Note: This bug is displayed in read-only format because the product is no longer active in Red Hat Bugzilla.

Bug 1230134

Summary: Nova computes agents lost AMQP connections
Product: Red Hat OpenStack Reporter: Pablo Iranzo Gómez <pablo.iranzo>
Component: python-oslo-messagingAssignee: Flavio Percoco <fpercoco>
Status: CLOSED DUPLICATE QA Contact: nlevinki <nlevinki>
Severity: high Docs Contact:
Priority: unspecified    
Version: 6.0 (Juno)CC: apevec, fpercoco, kgiusti, lhh, nyechiel, pablo.iranzo, yeylon
Target Milestone: ---Keywords: ZStream
Target Release: 7.0 (Kilo)   
Hardware: x86_64   
OS: Linux   
Whiteboard:
Fixed In Version: Doc Type: Bug Fix
Doc Text:
Story Points: ---
Clone Of: Environment:
Last Closed: 2015-08-19 08:32:14 UTC Type: Bug
Regression: --- Mount Type: ---
Documentation: --- CRM:
Verified Versions: Category: ---
oVirt Team: --- RHEL 7.3 requirements from Atomic Host:
Cloudforms Team: --- Target Upstream Version:
Embargoed:
Bug Depends On:    
Bug Blocks: 1214764    

Description Pablo Iranzo Gómez 2015-06-10 10:33:14 UTC
Description:

1. the main problem is that after random time we lose ability to start new VMs.
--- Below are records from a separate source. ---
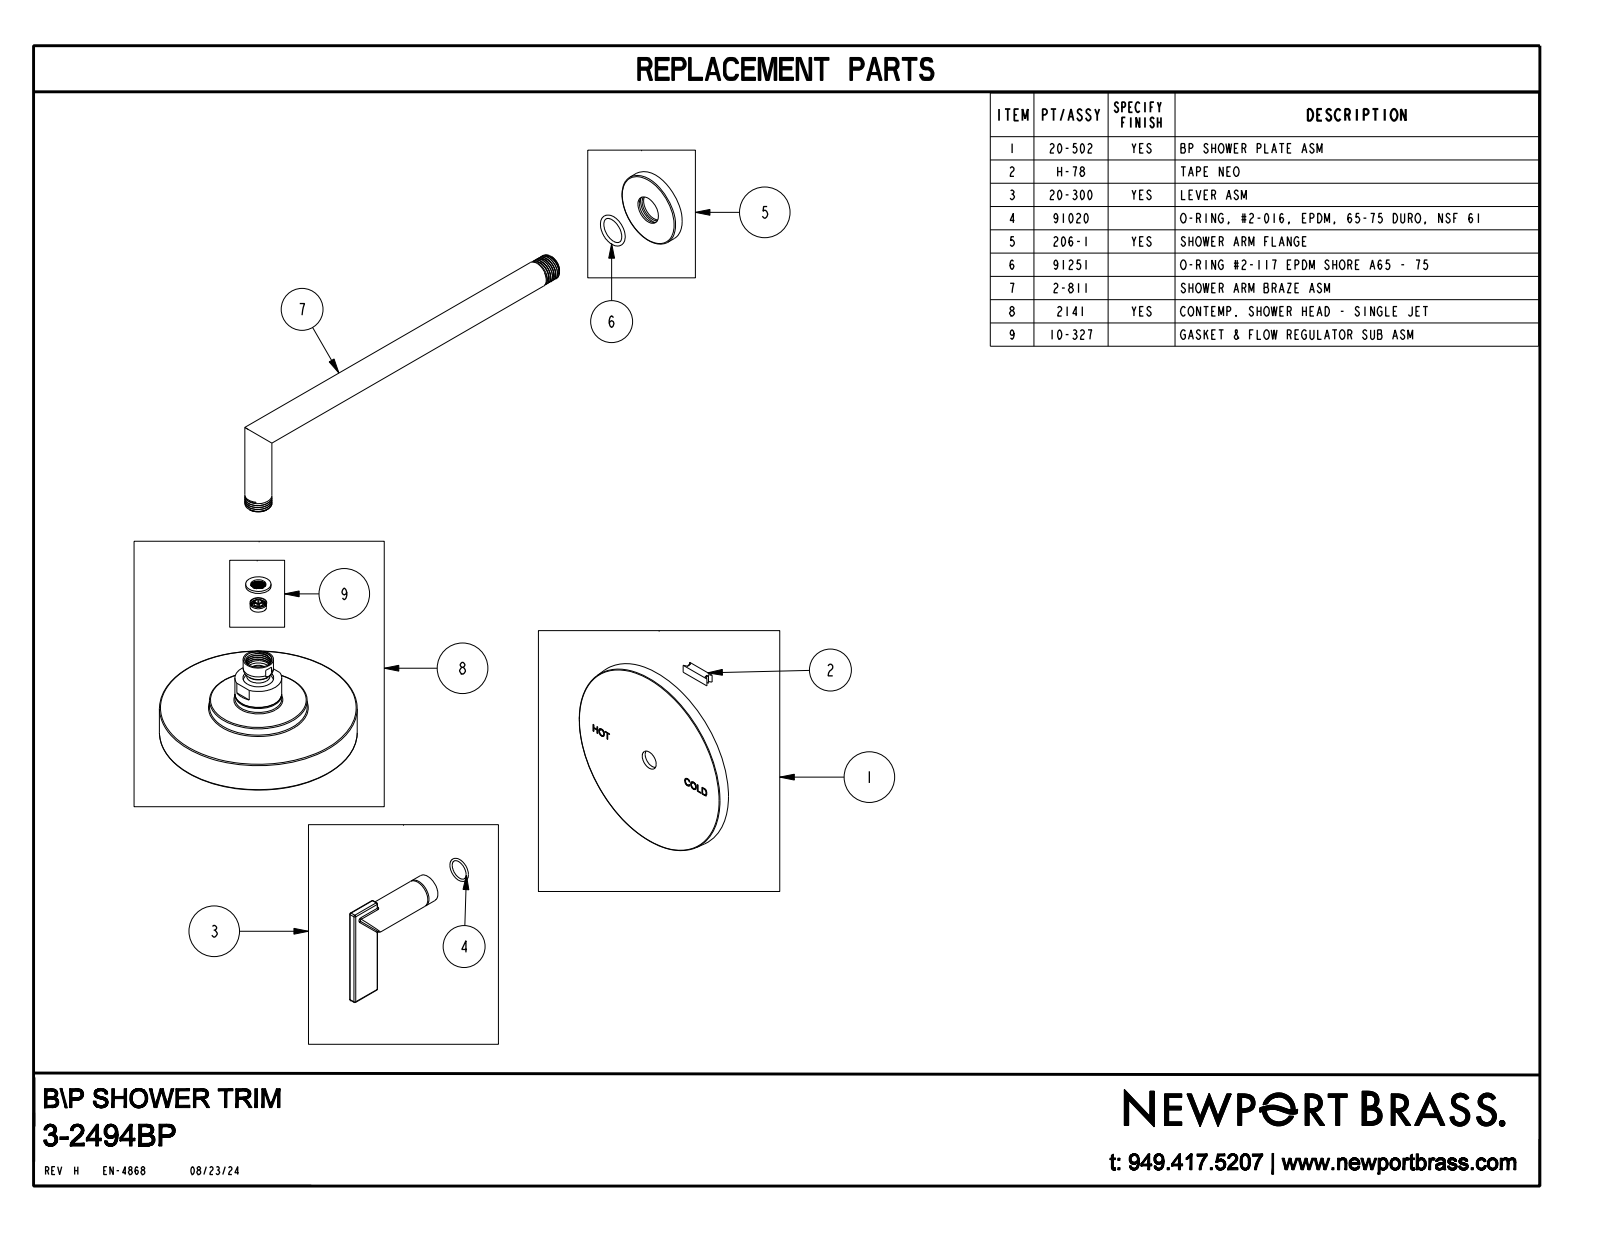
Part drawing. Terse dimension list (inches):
name: 3-2494BP
written by: CREO PARAMETRIC BY PTC INC, 2018400 (CONFIG_CONTROL_DESIGN)
unit: in
bodies: 2 solids, 1026 faces (164 planar, 226 cylindrical, 636 other)
size: 19.125 × 14.605 × 6
volume: 54.61 in³; area: 208.5 in²
holes: 90× ⌀0.05, 1× ⌀0.22, 1× ⌀5.256
bosses: 2× ⌀0.813, 1× ⌀5.91, 1× ⌀5.22, 1× ⌀2.92, 1× ⌀2.25, 1× ⌀1.4, 1× ⌀0.905, 1× ⌀0.86
rounds: 16× R0.04
face distances: 0.35, 0.291, 0.31, 0.04, 0.236, 1.084, 0.793, 3.55, 3.24, 3.2
hole spacings: 0.851, 0.98, 0.98, 1.698, 1.41, 0.55, 0.507, 0.574
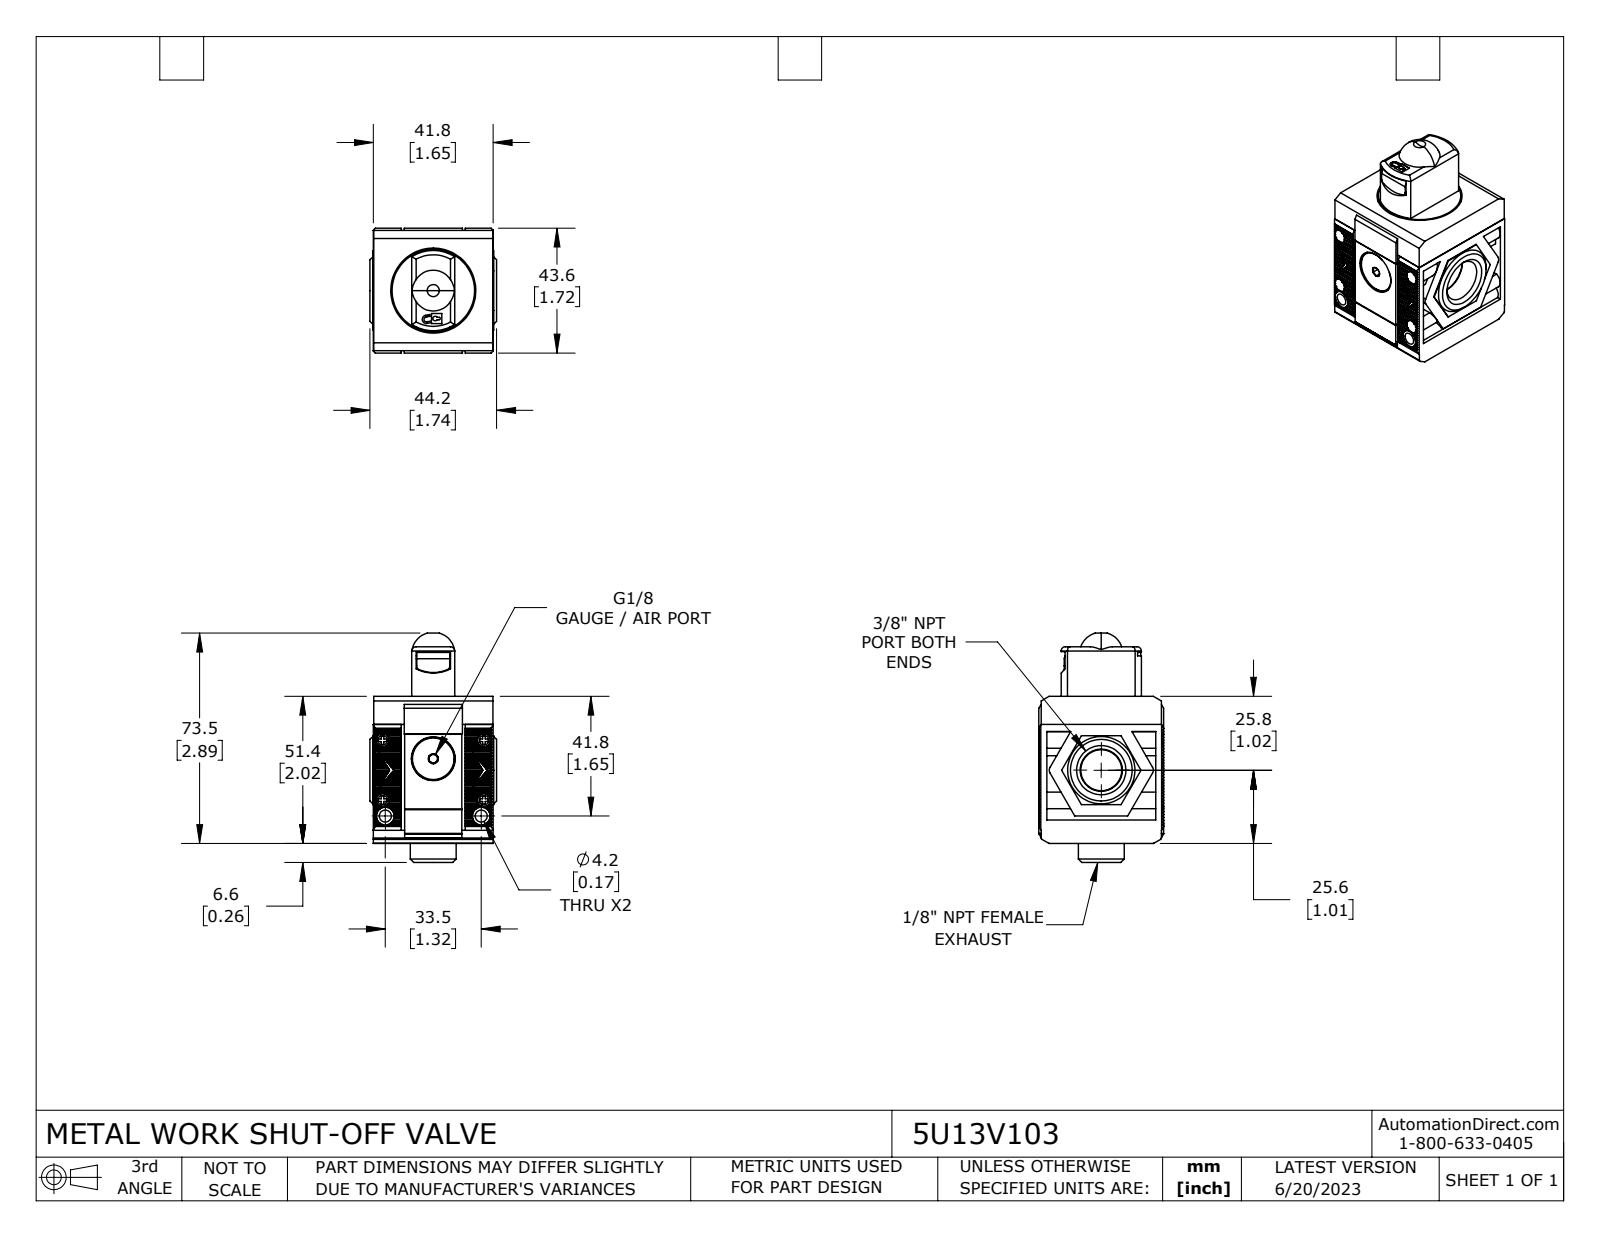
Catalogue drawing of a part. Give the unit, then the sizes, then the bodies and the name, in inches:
Units: inches
Overall size (bounding box): 3.152 × 1.74 × 1.717
Round holes (diameter × count): ⌀0.083 ×4, ⌀0.118 ×4, ⌀0.185 ×4, ⌀0.165 ×2, ⌀0.337 ×2, ⌀0.602 ×1, ⌀1.169 ×1, ⌀1.232 ×1
Round bosses / shafts (diameter × count): ⌀0.181 ×4, ⌀0.102 ×4, ⌀0.244 ×2, ⌀1.26 ×1, ⌀1.134 ×1, ⌀0.898 ×1, ⌀0.717 ×1, ⌀0.63 ×1
Partial cylindrical surfaces — rounded edges, fillets, slot ends (radius × count): R0.024 ×4, R0.059 ×4, R0.122 ×4, R0.008 ×2, R0.079 ×2, R0.018 ×1, R0.033 ×1, R0.039 ×1
Main face-to-face distances: 1.638, 1.642, 1.339, 1.673, 0.307, 0.386, 2.024, 0.11, 0.043, 0.031
Hole centre spacings: 0.222, 0.742, 0.823, 0.9, 1.027, 1.042, 1.374, 1.394
Volume: 5.753 in³ · Surface area: 53.37 in²
Bodies: 13 solids, 1155 faces (817 planar, 206 cylindrical, 132 other)
Part name (STEP PRODUCT): 5U13V103
STEP written by: SolidWorks 2021 (CONFIG_CONTROL_DESIGN)

The new VMs end up in ERROR state.

2. at this time nova service-list shows both computes down:
| 7  | nova-compute     | compute-0-0.local | zone0    | enabled | down  | 2015-06-04T07:29:49.000000 | -               |
| 8  | nova-compute     | compute-0-1.local | zone1    | enabled | down  | 2015-06-04T09:46:30.000000 | -               |

3. later on without restarting any service we got one compute back online 
| 7  | nova-compute     | compute-0-0.local | zone0    | enabled | down  | 2015-06-04T07:29:49.000000 | -               |
| 8  | nova-compute     | compute-0-1.local | zone1    | enabled | up    | 2015-06-04T11:16:29.000000 | -               |

Looks like this blocks creation of new VMs. 

Looking around: 
1. qpid looks active and all the other services are active and working in the same time
2. on qpid we see connections from all other services but we missing from compute which is down,
     this is how I check this:
                qpid-stat -c | grep 10.1.255.251
                qpid-stat -c | grep 10.1.255.252 
3. on affected compute I still see TCP connection in  CLOSE_WAIT state   
     compute-0-1.local:49136->10.1.20.151:amqps (CLOSE_WAIT) 
   
     CLOSE_WAIT means that qpid closed the connection (not the compute), but the computes hasn't handled it yet.. 
      but it's probably qpid that saw the compute as down and closed the conenction
4. The CLOSE_WAITs eventually got closed on c1, and we can create VMs on C1. But now we have the CLOSE_WAITs on second compute  and we cannot start VMs there. Most likely these CLOSE_WAITs stay there for ~1h and after they get closed, we will eventually again be able to start VMs.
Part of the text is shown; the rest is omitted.